Jazz enthusiasm in the Swing Era is largely responsible for launching the reissuing of recordings that were out of print and the creating of the album concept. While the term “album” is most associated with the long playing record (read: vinyl), it started with Jazz in the Swing Era when batches of music – whether newly recorded or reissued – were thematically placed in a binder with sleeves for multiple 78 RPM discs (shorter playing times on 78s required several discs) packaging that illustrates the “album” far better than the Lp. One such album with its multiple 78RPMs was “HOT JAZZ by McKINNEY’S COTTON PICKERS” issued by “Victor” (RCA Victor) as “VICTOR ALBUM HJ-4 (Volume IV)” released in the mid-1940s in the USA with a parallel issue in Canada. The root of giving the arranger credit to John Nesbitt for “Cherry”, Don Redman’s composition and the recording by the Redman led McKinney’s Cotton Pickers of July 12, 1928, is the booklet to that album.
Charles Edward Smith, co-editor of the classic book “Jazzmen” published in 1939, wrote the album’s booklet. In the booklet’s discography’s introduction, Smith wrote that Don Redman had confirmed label listings but with some corrections. The major input or correction coming from Redman concerned the arrangements. “In crediting arrangements, Don asked that Nesbitt be listed for the titles on which he worked;”. An oddity/irony to the assignment of the arrangement of “Cherry” to John Nesbitt in the booklet to “Hot Jazz by McKinney’s Cotton Pickers” (HJ4) that this essay refutes, is that it went and has gone virtually unnoticed.
It’s possible that the early French Jazz scholars, in particular Hughes Panassié, did place into print before the Swing Era that the arrangement was by Don Redman. Whatever the absence of a published attribution before the Swing Era, from the original release in 1928 on Victor 21730 well into the Swing Era (and, as it turns out, on and on into today), it was common knowledge that Don Redman arranged his “Cherry” for the McKinney’s Cotton Pickers’ recording and that the chart’s 4 part saxophone chorus was a pivotal innovation to Big Band Jazz.
Benny Carter via the late Ed Berger thought so. In this, “The King” (Carter) provided his acknowledgment of Redman’s work and its magnitude. Further, Benny followed Redman as the Musical Director (in 1931) of McKinney’s Cotton Pickers, and as such, Carter had access to the band’s library, which included the score and parts to the “Cherry” arrangement. When Benny Carter was Music Director of McKinney’s Cotton Pickers, “Cherry” was still a vital piece in the orchestra’s repertoire.
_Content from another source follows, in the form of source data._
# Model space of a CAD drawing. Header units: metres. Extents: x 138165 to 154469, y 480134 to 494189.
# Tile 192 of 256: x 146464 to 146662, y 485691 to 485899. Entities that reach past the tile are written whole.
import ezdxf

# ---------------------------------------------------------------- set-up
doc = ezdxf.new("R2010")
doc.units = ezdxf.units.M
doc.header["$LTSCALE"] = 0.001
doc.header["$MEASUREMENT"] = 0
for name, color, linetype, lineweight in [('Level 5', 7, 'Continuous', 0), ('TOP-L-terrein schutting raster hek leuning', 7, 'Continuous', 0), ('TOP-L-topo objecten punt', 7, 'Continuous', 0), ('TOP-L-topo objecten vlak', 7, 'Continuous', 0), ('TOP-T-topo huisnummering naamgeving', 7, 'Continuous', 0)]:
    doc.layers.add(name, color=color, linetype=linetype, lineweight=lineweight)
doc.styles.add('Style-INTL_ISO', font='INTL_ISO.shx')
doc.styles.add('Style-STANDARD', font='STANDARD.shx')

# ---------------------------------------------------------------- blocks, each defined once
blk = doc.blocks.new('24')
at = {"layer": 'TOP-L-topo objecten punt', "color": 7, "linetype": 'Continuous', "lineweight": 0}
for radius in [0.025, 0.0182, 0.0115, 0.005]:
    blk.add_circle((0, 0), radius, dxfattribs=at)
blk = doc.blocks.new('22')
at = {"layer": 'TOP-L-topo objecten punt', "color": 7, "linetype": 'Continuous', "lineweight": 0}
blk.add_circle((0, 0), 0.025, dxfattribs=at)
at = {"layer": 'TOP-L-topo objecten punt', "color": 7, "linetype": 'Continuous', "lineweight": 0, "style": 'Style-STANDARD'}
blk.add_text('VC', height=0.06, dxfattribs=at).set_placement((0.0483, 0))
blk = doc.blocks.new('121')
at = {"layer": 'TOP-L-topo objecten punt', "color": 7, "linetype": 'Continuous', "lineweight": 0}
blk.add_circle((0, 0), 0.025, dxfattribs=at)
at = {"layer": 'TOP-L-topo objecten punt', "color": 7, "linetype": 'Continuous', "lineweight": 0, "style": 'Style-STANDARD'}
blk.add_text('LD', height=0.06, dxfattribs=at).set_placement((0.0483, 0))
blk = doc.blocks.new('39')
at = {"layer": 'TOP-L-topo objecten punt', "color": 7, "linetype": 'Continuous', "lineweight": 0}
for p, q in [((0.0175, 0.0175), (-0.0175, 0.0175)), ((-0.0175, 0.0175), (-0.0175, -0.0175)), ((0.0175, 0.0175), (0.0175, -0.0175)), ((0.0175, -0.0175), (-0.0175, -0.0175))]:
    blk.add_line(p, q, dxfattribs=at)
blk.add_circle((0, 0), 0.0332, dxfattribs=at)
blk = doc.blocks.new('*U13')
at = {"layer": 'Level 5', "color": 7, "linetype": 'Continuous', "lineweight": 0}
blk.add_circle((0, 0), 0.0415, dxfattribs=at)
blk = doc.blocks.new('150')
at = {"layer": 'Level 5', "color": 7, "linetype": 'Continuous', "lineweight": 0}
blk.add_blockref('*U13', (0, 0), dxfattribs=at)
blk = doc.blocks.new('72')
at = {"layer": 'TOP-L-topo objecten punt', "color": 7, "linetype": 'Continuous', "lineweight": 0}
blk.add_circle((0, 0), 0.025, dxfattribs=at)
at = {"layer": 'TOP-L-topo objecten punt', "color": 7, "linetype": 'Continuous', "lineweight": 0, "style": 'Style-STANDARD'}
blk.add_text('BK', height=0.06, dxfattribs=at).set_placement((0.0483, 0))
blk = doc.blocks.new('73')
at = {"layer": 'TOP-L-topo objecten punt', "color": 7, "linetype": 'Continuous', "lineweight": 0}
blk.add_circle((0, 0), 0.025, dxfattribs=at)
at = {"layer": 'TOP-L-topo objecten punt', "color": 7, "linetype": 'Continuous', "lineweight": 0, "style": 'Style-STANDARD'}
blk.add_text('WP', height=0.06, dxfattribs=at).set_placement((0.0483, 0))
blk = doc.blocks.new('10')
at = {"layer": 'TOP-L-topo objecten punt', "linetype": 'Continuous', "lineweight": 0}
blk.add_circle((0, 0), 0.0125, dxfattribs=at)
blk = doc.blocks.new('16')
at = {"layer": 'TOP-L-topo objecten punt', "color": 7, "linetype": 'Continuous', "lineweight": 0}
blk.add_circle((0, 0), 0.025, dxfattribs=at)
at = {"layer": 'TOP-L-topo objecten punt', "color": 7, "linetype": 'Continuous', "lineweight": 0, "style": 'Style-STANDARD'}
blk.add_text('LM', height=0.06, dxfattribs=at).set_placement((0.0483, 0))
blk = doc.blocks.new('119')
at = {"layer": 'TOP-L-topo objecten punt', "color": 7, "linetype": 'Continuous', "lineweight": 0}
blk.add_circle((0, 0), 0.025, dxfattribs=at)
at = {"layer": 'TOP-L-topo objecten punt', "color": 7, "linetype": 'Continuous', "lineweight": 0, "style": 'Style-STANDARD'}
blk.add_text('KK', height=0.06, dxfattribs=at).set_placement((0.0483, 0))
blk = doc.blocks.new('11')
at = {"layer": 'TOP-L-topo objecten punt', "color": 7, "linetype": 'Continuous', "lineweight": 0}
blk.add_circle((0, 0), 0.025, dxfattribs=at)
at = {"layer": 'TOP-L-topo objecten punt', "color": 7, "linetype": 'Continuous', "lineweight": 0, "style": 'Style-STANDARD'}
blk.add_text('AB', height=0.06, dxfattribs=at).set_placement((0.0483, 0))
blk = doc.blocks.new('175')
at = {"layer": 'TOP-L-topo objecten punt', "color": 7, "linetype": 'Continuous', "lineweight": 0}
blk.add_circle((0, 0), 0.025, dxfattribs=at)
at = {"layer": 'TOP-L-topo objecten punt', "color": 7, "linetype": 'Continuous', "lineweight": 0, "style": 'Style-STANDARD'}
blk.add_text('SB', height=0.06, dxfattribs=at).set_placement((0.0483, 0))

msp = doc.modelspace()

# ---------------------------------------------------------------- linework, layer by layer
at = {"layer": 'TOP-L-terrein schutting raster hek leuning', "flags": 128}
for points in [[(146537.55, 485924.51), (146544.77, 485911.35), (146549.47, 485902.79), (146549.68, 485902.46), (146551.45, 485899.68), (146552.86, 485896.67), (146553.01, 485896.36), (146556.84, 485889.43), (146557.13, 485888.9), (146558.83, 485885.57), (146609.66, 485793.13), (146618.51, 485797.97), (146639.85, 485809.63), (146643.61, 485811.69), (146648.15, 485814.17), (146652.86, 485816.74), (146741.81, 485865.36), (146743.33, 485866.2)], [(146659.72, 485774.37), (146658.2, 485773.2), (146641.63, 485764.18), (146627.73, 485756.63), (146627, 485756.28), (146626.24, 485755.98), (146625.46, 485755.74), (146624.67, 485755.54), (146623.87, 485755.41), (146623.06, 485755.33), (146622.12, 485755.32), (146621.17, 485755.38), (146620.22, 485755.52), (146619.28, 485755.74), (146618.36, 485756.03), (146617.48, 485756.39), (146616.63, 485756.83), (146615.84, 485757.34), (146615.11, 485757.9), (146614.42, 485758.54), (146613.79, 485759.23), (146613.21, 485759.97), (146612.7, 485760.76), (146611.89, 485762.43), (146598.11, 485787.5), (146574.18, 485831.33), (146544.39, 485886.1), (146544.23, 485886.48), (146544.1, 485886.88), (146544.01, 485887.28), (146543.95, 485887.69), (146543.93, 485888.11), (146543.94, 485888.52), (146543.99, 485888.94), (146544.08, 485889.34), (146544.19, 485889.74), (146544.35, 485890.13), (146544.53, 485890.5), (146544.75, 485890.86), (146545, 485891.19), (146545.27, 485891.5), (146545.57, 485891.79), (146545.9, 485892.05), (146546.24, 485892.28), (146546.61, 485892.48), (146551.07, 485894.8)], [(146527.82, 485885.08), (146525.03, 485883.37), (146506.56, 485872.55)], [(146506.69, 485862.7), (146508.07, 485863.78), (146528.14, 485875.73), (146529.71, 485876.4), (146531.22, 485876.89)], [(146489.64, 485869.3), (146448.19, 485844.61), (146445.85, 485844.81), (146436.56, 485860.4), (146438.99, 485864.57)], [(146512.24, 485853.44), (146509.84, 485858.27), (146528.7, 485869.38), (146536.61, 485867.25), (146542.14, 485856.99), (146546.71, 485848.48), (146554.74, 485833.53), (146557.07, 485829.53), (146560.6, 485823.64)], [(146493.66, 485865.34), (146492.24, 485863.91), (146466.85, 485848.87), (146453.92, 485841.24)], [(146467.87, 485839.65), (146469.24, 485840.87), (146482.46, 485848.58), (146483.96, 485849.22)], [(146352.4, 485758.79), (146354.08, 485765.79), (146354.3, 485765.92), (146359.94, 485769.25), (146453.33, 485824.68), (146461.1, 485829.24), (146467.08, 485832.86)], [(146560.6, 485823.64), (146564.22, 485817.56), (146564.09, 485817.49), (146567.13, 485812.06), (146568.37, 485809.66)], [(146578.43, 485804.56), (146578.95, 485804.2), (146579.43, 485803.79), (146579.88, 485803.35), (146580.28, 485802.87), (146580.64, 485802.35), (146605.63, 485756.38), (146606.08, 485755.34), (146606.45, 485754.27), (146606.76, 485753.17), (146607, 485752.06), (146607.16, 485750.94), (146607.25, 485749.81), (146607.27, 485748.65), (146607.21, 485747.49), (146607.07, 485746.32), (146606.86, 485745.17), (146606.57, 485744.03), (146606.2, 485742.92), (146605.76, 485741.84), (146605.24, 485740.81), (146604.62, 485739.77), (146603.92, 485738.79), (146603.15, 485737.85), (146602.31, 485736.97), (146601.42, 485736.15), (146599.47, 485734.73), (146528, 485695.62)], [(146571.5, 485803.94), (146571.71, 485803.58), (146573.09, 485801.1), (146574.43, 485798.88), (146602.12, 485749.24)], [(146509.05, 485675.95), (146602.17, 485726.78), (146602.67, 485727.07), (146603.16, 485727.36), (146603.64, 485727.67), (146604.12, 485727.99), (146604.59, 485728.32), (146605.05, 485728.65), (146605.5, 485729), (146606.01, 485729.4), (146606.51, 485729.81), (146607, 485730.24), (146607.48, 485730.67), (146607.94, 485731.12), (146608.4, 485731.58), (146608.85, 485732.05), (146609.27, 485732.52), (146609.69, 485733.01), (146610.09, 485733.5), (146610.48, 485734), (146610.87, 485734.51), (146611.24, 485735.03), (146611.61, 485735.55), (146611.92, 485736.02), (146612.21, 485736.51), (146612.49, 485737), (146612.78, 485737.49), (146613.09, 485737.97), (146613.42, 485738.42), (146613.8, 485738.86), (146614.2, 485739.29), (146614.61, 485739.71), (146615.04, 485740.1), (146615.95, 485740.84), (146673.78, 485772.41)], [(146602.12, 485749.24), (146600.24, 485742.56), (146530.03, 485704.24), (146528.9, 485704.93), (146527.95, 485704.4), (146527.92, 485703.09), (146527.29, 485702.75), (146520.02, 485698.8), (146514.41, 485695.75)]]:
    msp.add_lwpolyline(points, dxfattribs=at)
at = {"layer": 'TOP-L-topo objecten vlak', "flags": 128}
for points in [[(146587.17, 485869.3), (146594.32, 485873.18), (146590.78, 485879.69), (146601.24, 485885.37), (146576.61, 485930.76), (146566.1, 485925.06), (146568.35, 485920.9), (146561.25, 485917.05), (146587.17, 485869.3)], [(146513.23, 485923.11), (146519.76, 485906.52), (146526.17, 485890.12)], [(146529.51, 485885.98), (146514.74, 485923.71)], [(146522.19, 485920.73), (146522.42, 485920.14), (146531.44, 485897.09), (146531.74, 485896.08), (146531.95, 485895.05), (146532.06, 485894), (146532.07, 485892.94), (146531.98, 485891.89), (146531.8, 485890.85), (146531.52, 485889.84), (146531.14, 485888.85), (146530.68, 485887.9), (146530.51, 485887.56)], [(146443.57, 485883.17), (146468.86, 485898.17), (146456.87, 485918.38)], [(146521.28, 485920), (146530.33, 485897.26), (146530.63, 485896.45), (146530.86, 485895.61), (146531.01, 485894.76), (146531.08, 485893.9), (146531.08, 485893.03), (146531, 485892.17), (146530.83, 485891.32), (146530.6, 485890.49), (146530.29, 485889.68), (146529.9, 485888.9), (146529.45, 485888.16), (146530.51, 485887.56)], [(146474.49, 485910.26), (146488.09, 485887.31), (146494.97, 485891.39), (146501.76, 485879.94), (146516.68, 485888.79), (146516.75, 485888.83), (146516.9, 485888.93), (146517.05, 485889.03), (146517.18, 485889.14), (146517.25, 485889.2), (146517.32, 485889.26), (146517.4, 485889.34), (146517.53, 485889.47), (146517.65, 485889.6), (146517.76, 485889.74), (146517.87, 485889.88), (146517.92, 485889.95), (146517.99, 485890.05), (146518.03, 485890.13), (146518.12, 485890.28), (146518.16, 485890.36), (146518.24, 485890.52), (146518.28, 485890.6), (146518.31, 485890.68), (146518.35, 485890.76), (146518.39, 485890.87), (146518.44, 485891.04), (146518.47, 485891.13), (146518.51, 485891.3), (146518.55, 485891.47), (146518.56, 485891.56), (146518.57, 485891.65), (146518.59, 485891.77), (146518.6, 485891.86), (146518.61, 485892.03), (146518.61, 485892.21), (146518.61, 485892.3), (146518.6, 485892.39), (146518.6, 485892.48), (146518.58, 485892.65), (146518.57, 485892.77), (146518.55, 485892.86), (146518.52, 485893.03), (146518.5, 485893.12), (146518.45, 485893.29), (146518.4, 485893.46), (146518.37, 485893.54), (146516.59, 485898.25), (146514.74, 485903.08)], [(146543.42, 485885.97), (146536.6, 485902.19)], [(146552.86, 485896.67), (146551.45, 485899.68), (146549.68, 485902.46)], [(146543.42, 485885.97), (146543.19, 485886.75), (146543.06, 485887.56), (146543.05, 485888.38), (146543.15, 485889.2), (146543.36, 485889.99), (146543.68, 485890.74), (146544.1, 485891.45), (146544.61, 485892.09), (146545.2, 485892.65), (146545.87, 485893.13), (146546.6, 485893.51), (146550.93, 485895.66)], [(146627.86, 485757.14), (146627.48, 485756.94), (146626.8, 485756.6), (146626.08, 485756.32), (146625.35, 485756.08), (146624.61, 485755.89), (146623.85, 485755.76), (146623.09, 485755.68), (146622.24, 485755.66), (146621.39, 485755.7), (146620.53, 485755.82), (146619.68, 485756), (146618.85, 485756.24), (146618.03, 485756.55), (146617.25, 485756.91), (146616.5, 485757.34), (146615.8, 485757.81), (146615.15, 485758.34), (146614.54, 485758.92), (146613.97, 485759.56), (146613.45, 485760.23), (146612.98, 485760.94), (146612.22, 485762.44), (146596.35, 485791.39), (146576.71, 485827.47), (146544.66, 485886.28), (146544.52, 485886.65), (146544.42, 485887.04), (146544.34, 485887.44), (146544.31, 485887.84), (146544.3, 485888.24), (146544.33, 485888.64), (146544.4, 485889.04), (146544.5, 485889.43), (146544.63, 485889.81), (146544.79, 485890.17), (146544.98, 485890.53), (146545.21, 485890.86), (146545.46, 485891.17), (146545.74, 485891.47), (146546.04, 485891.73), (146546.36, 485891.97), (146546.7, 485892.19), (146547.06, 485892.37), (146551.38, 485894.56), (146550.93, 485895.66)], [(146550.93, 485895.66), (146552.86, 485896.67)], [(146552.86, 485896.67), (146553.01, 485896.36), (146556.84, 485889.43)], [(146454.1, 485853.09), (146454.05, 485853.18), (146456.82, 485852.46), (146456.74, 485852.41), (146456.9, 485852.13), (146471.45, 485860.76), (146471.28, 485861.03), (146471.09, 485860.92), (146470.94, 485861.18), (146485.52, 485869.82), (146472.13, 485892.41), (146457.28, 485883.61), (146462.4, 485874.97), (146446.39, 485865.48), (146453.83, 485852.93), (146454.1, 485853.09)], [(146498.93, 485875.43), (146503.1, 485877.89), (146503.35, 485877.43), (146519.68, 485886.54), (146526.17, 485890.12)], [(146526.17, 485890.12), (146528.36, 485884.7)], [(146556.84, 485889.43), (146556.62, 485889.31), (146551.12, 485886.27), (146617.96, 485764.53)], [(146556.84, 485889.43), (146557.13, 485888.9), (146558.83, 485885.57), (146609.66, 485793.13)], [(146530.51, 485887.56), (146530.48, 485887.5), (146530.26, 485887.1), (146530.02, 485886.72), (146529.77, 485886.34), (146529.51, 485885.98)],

Although Turk Van Lake was only 13 when Victor 21730 came out and most probably did not come to his reverence of Don Redman’s genius until the mid-1930s, Turk, too, knew the impact of Redman’s 4 part saxophone chorus on the July 12, 1928 recording of “Cherry”. Van Lake often referenced it in his lectures on Don Redman, frequently (always?) punctuated with his admonishment “Don’t you know that Don Redman is the Dean of the arrangers!?” Turk Van Lake became a great arranger, including in the mid-1940s a stretch as staff arranger for Count Basie, and was a college professor in his later career.
Since the 1960s, correspondents, including Redman musicians, have always cited Don Redman for “Cherry”, and, in particular, the four part reed section chorus (it’s actually the 3 ‘A’s to an AABA chorus) as a pivotal breakthrough in Jazz orchestral writing. This pioneering moment in the development of Big Band Jazz endures - known and vital.
That the “Cherry” arrangement was by John Nesbitt was not a controversy or even noticed. Indeed, the “correction” that it is by Nesbitt and not Redman is not picked up by Jazz literature—John Chilton’s McKinney’s Cotton Pickers pamphlet—seems a rare exception.
What is to be made of Charles Edward Smith and his booklet’s listing in its discography—the term is not deployed but it is a discography, one that appears under the heading “About This Album”—which hands the arranger credit for “Cherry” to John Nesbitt? All the witnesses are deceased, and it is now a concern for music analysis: does the arrangement sound like Don Redman’s work or Nesbitt’s? Arguably, there is the possibility that they both worked on different sections. What can be verified at this late date? Superior ears—John Wriggle and Vince Giordano—were approached.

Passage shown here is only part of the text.